== EXERCISE AIM ==
Would you print the records as they stand, down to the last character?

Records from a dataset:

◆ ◆ ◆

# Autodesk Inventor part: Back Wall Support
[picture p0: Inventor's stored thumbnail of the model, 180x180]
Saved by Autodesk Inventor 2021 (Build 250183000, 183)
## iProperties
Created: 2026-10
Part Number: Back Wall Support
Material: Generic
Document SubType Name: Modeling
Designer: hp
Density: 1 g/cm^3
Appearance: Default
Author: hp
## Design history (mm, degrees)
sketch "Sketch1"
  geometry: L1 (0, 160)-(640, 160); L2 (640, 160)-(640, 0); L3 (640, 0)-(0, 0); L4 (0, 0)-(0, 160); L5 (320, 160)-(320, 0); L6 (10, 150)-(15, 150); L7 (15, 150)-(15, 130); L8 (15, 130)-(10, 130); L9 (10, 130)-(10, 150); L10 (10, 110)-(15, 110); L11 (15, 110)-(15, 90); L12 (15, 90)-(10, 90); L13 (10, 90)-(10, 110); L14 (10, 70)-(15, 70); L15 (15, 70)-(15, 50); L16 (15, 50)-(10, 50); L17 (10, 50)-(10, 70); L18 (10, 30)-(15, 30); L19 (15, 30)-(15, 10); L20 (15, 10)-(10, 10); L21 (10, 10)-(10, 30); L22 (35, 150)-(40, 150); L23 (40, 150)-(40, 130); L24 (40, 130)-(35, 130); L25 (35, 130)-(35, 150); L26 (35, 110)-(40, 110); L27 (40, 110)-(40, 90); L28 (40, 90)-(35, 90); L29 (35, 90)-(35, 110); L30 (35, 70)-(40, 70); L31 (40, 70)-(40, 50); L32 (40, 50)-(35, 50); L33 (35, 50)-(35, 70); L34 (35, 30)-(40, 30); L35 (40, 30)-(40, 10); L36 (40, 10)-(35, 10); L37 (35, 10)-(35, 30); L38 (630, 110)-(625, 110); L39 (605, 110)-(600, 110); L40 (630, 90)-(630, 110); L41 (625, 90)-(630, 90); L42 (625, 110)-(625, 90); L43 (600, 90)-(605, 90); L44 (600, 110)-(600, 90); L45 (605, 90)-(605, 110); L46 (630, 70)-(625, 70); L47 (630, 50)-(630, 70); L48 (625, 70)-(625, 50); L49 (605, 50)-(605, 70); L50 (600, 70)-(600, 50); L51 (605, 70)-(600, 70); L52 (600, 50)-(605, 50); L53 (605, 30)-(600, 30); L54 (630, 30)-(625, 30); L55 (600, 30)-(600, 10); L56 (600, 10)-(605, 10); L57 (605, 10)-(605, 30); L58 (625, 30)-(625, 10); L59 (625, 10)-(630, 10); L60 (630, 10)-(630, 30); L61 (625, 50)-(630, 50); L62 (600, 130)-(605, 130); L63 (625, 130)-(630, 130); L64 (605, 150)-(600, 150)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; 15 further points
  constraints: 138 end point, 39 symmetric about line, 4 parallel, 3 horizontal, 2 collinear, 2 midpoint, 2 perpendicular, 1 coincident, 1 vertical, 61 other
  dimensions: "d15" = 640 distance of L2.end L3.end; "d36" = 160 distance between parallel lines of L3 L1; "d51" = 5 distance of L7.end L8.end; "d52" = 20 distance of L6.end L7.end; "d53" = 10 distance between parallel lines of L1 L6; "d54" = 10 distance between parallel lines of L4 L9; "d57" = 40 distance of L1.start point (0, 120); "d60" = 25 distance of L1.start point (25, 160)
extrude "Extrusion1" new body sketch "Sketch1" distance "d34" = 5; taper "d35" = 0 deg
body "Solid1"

◆ ◆ ◆

== RESULT FOR THIS EXERCISE ==
# Autodesk Inventor part: Back Wall Support
[picture p0: Inventor's stored thumbnail of the model, 180x180]
Saved by Autodesk Inventor 2021 (Build 250183000, 183)
## iProperties
Created: 2026-10
Part Number: Back Wall Support
Material: Generic
Document SubType Name: Modeling
Designer: hp
Density: 1 g/cm^3
Appearance: Default
Author: hp
## Design history (mm, degrees)
sketch "Sketch1"
  geometry: L1 (0, 160)-(640, 160); L2 (640, 160)-(640, 0); L3 (640, 0)-(0, 0); L4 (0, 0)-(0, 160); L5 (320, 160)-(320, 0); L6 (10, 150)-(15, 150); L7 (15, 150)-(15, 130); L8 (15, 130)-(10, 130); L9 (10, 130)-(10, 150); L10 (10, 110)-(15, 110); L11 (15, 110)-(15, 90); L12 (15, 90)-(10, 90); L13 (10, 90)-(10, 110); L14 (10, 70)-(15, 70); L15 (15, 70)-(15, 50); L16 (15, 50)-(10, 50); L17 (10, 50)-(10, 70); L18 (10, 30)-(15, 30); L19 (15, 30)-(15, 10); L20 (15, 10)-(10, 10); L21 (10, 10)-(10, 30); L22 (35, 150)-(40, 150); L23 (40, 150)-(40, 130); L24 (40, 130)-(35, 130); L25 (35, 130)-(35, 150); L26 (35, 110)-(40, 110); L27 (40, 110)-(40, 90); L28 (40, 90)-(35, 90); L29 (35, 90)-(35, 110); L30 (35, 70)-(40, 70); L31 (40, 70)-(40, 50); L32 (40, 50)-(35, 50); L33 (35, 50)-(35, 70); L34 (35, 30)-(40, 30); L35 (40, 30)-(40, 10); L36 (40, 10)-(35, 10); L37 (35, 10)-(35, 30); L38 (630, 110)-(625, 110); L39 (605, 110)-(600, 110); L40 (630, 90)-(630, 110); L41 (625, 90)-(630, 90); L42 (625, 110)-(625, 90); L43 (600, 90)-(605, 90); L44 (600, 110)-(600, 90); L45 (605, 90)-(605, 110); L46 (630, 70)-(625, 70); L47 (630, 50)-(630, 70); L48 (625, 70)-(625, 50); L49 (605, 50)-(605, 70); L50 (600, 70)-(600, 50); L51 (605, 70)-(600, 70); L52 (600, 50)-(605, 50); L53 (605, 30)-(600, 30); L54 (630, 30)-(625, 30); L55 (600, 30)-(600, 10); L56 (600, 10)-(605, 10); L57 (605, 10)-(605, 30); L58 (625, 30)-(625, 10); L59 (625, 10)-(630, 10); L60 (630, 10)-(630, 30); L61 (625, 50)-(630, 50); L62 (600, 130)-(605, 130); L63 (625, 130)-(630, 130); L64 (605, 150)-(600, 150); 15 further points
  constraints: 138 end point, 39 symmetric about line, 4 parallel, 3 horizontal, 2 collinear, 2 midpoint, 2 perpendicular, 1 coincident, 1 vertical, 61 other
  dimensions: "d15" = 640 distance of L2.end L3.end; "d36" = 160 distance between parallel lines of L3 L1; "d51" = 5 distance of L7.end L8.end; "d52" = 20 distance of L6.end L7.end; "d53" = 10 distance between parallel lines of L1 L6; "d54" = 10 distance between parallel lines of L4 L9; "d57" = 40 distance of L1.start point (0, 120); "d60" = 25 distance of L1.start point (25, 160)
extrude "Extrusion1" new body sketch "Sketch1" distance "d34" = 5; taper "d35" = 0 deg
body "Solid1"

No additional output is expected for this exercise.